En los encuentros políticos y sociales del barrio, se comentaba que el joven Misael exteriorizaba una evidente ansiedad por enfrentarse a los aparatos policiales, sin estimar un plan previo de seguridad. Un manifiesto desasosiego se apoderaba de él, mostrando una furia desbordada para combatir la permanente presencia de policías en el lugar. En algunos encuentros lúdicos entre militantes, Misael confesaba, sin complejos, que se había pensado muerto, e incluso había imaginado su nombre marcado en algún muro de la población. En más de una ocasión, otros compañeros se percataron de que Misael, en el trayecto de una marcha, alentaba a la multitud gritando su propio nombre: “¡Compañero Misael, Presente! ¿Quién lo mató? ¡El fascismo! ¿Y quién lo vengará? ¡El pueblo! ¡Luchando, creando, poder popular!”. Ese día, una vez culminada la marcha, varios compañeros lo encararon sobre lo imprudente de jugar con la muerte de quienes han caído en la lucha contra dictadura. A lo que él respondió que necesitaba verse aclamado por la masa, en la eventualidad que muriera en alguna acción política.

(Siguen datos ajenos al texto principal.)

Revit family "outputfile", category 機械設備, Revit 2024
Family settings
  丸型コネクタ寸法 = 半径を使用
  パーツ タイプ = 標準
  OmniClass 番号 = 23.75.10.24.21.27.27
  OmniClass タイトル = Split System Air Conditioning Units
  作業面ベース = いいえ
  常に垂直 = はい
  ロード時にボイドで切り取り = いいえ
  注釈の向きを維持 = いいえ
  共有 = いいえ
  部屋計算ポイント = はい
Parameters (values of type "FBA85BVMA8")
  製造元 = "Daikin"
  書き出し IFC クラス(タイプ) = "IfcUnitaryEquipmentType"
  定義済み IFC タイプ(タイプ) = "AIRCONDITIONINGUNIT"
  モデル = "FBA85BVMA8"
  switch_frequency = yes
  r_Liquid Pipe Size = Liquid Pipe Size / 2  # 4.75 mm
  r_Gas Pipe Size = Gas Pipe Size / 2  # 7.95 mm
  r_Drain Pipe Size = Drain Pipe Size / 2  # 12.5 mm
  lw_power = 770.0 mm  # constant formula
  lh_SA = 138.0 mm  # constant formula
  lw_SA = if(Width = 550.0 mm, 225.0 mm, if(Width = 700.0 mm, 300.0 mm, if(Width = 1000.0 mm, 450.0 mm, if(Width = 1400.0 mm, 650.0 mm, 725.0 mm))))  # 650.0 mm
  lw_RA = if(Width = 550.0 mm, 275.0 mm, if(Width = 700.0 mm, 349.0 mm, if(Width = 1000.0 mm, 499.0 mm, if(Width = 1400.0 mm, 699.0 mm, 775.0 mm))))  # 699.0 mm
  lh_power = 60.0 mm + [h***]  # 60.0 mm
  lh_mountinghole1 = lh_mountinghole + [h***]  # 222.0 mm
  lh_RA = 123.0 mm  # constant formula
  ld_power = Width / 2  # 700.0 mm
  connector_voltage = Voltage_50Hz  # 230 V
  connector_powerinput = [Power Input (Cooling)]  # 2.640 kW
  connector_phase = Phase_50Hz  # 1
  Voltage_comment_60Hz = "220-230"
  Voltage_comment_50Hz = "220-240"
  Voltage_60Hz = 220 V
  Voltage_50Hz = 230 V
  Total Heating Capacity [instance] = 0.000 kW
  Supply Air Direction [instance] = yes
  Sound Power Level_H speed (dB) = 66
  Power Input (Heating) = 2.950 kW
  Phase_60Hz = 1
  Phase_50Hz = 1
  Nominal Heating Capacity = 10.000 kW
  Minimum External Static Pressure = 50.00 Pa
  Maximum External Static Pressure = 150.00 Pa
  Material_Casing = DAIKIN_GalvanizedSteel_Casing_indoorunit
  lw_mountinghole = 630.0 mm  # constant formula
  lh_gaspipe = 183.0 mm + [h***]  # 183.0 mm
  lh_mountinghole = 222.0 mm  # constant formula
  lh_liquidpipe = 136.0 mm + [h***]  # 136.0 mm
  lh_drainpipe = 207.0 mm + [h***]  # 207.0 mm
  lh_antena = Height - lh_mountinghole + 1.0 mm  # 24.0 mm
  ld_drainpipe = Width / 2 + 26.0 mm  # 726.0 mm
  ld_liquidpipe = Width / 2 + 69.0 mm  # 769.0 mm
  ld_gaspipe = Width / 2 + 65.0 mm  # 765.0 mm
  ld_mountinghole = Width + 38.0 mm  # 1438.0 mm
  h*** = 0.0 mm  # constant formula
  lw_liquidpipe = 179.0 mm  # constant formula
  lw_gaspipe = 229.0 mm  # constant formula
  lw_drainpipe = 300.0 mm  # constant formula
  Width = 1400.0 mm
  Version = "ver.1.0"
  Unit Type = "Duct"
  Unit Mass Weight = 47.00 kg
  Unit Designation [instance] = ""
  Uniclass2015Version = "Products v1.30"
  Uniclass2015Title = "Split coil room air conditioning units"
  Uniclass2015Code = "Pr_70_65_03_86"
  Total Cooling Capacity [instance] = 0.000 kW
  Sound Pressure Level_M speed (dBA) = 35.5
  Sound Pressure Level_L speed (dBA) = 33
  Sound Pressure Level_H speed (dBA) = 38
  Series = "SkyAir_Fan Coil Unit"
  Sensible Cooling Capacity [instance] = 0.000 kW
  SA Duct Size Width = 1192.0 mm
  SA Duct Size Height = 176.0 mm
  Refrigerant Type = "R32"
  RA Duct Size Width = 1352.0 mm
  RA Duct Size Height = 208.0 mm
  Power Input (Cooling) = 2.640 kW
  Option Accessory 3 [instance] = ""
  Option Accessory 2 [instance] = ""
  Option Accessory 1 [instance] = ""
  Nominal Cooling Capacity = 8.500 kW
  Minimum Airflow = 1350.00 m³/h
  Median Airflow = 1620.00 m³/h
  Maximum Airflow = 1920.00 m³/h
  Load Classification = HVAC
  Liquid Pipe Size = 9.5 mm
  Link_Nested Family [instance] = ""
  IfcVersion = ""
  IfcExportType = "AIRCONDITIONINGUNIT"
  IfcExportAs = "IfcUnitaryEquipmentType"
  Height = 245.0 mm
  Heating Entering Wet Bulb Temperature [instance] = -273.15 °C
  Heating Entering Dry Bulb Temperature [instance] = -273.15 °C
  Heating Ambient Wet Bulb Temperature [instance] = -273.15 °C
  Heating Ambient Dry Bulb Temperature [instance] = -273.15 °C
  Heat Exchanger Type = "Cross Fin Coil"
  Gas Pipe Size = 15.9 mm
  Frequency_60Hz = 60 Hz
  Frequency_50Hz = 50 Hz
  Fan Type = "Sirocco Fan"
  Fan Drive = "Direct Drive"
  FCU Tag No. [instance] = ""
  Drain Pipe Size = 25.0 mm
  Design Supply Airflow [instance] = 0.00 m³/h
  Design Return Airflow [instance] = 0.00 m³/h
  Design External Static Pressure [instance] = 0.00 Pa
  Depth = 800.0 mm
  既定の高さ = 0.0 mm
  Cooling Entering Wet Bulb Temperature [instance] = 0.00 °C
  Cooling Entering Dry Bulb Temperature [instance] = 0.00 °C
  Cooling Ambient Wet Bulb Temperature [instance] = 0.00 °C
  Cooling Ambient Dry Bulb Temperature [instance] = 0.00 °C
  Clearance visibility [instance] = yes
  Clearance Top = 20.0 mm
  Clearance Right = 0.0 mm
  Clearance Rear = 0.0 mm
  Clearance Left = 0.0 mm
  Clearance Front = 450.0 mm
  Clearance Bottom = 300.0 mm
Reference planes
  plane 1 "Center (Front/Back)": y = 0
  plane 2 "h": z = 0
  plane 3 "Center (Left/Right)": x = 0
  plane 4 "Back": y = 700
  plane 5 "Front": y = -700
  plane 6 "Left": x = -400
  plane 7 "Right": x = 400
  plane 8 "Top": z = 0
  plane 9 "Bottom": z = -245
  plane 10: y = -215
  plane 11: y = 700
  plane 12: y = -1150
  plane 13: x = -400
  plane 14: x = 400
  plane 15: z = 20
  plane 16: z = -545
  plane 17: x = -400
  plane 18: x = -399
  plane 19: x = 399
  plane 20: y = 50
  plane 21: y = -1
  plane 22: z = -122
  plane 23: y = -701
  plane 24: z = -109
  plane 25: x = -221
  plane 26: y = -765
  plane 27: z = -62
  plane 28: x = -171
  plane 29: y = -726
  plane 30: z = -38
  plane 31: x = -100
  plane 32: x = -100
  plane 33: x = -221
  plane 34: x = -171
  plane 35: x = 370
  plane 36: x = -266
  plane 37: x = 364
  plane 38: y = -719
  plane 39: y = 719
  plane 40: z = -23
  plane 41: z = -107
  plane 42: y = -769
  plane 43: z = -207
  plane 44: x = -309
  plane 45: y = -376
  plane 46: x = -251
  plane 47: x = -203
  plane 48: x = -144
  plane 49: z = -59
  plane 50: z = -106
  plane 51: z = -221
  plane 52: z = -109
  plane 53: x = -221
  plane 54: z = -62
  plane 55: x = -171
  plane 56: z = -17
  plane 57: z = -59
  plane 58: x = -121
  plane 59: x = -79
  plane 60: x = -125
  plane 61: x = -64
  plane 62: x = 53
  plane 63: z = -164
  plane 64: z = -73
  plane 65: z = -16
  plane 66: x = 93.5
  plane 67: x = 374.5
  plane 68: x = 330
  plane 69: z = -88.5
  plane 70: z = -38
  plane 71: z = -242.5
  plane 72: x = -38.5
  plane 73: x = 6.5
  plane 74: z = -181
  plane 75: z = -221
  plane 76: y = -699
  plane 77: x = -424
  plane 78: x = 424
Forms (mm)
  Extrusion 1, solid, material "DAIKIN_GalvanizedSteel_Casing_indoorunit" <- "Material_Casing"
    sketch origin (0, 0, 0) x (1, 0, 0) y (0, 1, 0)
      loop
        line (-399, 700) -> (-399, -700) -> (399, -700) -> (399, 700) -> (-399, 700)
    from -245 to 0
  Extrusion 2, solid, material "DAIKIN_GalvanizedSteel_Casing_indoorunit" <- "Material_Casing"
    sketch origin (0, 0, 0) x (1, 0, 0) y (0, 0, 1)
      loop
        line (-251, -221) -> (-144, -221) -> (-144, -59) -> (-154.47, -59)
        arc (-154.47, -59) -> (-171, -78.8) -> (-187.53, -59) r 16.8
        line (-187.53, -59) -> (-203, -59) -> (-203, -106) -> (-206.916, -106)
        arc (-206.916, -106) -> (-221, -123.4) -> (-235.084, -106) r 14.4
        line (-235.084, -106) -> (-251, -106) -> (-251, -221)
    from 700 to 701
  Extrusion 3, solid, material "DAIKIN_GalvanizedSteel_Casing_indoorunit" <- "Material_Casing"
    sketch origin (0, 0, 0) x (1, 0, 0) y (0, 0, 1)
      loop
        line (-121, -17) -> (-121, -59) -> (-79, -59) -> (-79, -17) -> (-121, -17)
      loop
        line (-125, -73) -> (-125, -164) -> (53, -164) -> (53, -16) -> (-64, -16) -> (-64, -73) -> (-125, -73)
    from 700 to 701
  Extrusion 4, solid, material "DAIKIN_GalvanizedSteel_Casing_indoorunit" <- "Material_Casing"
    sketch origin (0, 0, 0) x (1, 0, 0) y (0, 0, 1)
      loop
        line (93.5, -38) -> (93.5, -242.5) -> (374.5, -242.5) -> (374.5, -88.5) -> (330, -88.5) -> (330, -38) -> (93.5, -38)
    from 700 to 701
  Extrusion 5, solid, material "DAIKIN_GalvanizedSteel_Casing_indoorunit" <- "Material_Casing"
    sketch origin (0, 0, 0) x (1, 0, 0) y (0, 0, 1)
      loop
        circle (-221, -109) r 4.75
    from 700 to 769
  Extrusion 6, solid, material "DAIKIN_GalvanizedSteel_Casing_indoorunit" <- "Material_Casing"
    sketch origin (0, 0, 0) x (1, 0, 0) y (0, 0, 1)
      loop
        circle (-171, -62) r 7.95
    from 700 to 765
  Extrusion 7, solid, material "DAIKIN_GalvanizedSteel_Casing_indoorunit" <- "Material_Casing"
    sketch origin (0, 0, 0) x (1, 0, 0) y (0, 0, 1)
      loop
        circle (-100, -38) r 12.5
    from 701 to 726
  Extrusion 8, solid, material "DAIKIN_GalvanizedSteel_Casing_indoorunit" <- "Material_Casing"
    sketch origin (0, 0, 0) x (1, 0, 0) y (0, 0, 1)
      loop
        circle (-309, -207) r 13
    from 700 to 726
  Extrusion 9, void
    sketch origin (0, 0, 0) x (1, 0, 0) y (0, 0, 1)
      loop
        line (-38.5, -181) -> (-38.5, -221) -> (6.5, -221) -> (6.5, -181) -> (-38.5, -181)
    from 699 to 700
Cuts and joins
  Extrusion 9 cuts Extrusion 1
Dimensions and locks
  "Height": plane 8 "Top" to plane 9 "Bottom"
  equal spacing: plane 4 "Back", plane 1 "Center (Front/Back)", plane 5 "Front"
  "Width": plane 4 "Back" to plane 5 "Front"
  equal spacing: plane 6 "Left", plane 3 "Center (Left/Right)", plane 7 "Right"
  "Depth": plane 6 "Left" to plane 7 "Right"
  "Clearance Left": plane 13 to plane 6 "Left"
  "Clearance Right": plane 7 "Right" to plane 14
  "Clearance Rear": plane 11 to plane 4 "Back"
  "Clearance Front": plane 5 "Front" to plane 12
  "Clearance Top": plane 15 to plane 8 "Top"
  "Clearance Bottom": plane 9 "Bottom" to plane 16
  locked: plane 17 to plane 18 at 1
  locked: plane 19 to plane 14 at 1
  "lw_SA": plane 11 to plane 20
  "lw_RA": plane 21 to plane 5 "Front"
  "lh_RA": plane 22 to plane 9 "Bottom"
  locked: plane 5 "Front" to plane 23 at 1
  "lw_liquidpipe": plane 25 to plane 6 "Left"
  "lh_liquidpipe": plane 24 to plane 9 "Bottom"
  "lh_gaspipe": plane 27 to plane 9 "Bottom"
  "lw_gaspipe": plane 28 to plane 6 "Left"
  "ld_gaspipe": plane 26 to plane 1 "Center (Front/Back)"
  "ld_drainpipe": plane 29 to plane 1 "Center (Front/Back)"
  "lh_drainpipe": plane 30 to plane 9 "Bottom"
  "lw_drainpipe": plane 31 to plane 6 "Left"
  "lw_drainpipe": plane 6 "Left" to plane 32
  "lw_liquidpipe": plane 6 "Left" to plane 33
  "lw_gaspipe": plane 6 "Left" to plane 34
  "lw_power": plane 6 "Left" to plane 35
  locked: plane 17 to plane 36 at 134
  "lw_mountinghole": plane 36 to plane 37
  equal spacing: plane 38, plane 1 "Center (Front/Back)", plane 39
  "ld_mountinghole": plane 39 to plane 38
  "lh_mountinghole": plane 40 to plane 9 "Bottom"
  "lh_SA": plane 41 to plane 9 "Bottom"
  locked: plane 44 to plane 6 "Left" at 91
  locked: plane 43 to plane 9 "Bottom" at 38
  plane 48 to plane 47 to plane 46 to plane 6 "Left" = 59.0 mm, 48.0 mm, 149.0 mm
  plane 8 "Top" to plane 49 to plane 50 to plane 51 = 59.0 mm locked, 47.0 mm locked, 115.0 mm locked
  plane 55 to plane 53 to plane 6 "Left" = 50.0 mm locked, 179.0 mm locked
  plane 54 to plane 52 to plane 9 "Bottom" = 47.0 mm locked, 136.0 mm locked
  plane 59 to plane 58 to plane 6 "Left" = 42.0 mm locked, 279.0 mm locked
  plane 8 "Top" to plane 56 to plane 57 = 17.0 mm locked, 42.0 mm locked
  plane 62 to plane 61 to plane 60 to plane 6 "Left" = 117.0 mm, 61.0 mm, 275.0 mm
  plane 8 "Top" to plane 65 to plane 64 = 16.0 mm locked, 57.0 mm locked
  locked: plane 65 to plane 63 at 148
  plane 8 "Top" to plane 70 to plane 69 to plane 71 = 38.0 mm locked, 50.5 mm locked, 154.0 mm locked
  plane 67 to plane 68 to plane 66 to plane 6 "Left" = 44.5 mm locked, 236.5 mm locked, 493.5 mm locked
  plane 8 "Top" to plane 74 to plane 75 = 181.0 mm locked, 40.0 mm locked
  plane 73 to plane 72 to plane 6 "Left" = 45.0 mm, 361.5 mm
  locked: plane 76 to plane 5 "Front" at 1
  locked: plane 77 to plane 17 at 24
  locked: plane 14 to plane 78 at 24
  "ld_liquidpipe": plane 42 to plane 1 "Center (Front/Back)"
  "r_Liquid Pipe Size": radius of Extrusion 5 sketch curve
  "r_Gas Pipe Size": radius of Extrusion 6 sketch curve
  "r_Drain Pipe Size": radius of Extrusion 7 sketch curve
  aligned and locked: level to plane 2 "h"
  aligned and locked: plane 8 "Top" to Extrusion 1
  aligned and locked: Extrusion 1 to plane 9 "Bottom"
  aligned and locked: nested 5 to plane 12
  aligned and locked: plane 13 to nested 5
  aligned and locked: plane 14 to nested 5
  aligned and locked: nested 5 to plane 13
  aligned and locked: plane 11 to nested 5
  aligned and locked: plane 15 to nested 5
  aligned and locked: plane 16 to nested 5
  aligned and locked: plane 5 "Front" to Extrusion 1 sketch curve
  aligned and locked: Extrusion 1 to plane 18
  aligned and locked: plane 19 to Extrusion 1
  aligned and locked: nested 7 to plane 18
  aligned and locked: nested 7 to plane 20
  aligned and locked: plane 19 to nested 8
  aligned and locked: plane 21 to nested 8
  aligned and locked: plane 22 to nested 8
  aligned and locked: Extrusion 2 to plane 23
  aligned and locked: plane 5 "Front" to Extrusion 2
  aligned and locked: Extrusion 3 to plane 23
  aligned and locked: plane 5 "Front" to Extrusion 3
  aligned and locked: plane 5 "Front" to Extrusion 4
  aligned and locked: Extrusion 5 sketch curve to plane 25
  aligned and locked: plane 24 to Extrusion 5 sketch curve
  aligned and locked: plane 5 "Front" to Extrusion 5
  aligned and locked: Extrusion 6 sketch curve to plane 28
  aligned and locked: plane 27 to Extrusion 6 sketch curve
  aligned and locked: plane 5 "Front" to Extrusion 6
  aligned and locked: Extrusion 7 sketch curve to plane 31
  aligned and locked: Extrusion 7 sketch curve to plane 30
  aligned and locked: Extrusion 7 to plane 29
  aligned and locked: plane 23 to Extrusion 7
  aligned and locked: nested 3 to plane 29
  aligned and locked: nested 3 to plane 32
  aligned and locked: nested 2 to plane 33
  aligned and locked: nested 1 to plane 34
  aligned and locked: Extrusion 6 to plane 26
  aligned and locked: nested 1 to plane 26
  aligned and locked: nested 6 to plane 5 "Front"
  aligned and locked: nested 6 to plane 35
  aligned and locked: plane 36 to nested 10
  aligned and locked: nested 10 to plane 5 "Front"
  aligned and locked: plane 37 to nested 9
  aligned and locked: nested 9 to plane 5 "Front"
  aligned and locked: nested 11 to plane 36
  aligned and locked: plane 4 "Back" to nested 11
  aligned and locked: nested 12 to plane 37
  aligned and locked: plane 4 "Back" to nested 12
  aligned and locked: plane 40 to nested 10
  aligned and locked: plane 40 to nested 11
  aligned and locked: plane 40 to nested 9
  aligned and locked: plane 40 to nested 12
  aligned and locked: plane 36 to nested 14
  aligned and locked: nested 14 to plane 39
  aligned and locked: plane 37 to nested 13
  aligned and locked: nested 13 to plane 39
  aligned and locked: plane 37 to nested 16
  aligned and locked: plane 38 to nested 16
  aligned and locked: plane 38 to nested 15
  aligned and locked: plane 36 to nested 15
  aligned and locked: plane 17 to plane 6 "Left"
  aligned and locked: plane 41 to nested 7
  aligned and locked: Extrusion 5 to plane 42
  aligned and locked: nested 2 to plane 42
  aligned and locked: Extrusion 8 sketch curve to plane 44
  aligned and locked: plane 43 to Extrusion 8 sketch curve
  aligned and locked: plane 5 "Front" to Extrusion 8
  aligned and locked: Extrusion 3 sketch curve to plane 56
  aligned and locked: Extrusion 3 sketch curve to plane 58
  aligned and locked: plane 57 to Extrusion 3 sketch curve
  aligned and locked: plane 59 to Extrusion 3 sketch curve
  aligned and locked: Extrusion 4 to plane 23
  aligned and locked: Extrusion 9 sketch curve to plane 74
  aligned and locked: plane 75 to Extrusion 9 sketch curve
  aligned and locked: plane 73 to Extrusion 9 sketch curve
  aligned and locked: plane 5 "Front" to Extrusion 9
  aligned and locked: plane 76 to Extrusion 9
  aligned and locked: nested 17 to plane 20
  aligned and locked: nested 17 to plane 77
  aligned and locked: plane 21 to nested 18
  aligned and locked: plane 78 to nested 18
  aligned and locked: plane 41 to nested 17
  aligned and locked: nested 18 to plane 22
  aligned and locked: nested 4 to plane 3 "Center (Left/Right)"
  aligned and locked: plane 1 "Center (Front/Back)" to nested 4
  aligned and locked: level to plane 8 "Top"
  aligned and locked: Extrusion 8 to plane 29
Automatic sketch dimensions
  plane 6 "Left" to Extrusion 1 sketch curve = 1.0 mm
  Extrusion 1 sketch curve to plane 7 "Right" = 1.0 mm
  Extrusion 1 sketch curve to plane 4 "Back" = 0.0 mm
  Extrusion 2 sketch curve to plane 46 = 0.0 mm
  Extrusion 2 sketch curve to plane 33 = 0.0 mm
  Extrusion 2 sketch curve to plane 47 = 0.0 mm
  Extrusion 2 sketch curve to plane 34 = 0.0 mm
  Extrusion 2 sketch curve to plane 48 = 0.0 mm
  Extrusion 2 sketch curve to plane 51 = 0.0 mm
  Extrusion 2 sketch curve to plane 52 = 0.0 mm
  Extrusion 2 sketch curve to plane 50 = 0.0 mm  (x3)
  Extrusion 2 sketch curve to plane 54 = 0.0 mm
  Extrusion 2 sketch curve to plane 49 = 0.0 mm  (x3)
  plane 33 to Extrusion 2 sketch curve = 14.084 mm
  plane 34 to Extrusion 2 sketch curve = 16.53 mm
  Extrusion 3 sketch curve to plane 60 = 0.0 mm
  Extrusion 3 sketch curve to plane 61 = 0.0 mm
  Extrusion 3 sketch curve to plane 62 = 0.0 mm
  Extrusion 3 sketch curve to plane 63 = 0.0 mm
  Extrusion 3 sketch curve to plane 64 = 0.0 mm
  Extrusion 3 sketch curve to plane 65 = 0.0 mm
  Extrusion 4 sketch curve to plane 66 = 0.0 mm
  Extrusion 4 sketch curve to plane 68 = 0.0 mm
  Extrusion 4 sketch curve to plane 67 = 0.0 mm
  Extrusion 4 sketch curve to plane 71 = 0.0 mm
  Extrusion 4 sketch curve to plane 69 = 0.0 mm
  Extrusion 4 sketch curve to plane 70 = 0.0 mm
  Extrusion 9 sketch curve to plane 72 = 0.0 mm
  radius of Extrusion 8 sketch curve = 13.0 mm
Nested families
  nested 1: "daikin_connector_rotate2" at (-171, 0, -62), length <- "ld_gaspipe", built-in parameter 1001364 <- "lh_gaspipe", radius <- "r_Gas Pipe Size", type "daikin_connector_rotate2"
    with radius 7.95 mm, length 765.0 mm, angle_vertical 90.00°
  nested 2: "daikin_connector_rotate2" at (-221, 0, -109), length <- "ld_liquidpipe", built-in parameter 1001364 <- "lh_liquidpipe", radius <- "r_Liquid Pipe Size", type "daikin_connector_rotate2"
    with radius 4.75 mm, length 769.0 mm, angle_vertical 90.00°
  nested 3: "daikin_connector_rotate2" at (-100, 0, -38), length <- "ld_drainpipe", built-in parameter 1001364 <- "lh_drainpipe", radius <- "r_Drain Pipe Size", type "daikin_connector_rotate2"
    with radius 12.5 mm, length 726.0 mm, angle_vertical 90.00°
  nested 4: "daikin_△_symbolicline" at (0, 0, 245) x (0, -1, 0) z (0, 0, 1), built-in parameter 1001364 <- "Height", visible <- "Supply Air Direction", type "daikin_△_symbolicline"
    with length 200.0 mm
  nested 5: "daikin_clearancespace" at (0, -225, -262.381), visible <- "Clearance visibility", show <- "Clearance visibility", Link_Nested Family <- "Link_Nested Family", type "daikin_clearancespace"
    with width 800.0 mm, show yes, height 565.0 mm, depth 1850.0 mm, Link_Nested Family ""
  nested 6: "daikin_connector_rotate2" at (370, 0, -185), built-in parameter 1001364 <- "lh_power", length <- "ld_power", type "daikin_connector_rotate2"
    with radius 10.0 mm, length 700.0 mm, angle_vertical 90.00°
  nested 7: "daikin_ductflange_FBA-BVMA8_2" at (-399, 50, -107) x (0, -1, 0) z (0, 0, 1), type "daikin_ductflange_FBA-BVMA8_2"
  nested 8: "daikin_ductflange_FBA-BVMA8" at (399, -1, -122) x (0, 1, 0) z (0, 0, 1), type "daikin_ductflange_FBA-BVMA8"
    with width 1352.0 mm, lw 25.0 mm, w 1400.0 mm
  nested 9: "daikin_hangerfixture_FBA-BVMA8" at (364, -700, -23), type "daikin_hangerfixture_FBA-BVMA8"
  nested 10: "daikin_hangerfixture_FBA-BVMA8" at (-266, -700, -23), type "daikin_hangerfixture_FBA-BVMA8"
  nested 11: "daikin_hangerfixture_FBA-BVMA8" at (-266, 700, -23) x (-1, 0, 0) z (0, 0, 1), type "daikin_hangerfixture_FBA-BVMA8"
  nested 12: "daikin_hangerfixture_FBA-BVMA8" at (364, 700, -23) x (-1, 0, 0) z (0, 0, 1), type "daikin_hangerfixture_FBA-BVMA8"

El joven Misael anhelaba no quedar al margen del imaginario memorial: quería ser protagonista de su propio recuerdo y de su misma rememoración. Más allá de demostrar valentía en cada circunstancia en que le tocó enfrentar a los policías, él se pensaba muerto, se soñaba mártir. La rebeldía y el heroísmo derrochado cotidianamente por Misael colisionaban con ese deseo individual de querer trascender y perdurar en la memoria de los otros. Durante el año mil novecientos ochenta y siete, el joven Misael participó activamente en la mayoría de las acciones que enfrentaron a policías y pobladores, en las que no escatimó riesgos que lo situaban muy cerca de la muerte. Pero a pesar de esos riesgos innecesarios, Misael salió ileso de todas esas confrontaciones.

Al año siguiente, el joven Misael trabajaba en la zona norte de la capital, y cotidianamente tomaba el transporte que lo llevaba a su casa, cruzando una avenida repleta de buses y automóviles. En uno de esos días, sin percatarse, fue atropellado por la imprudencia de un automovilista, y horas más tarde murió en la sala de urgencia de un hospital público.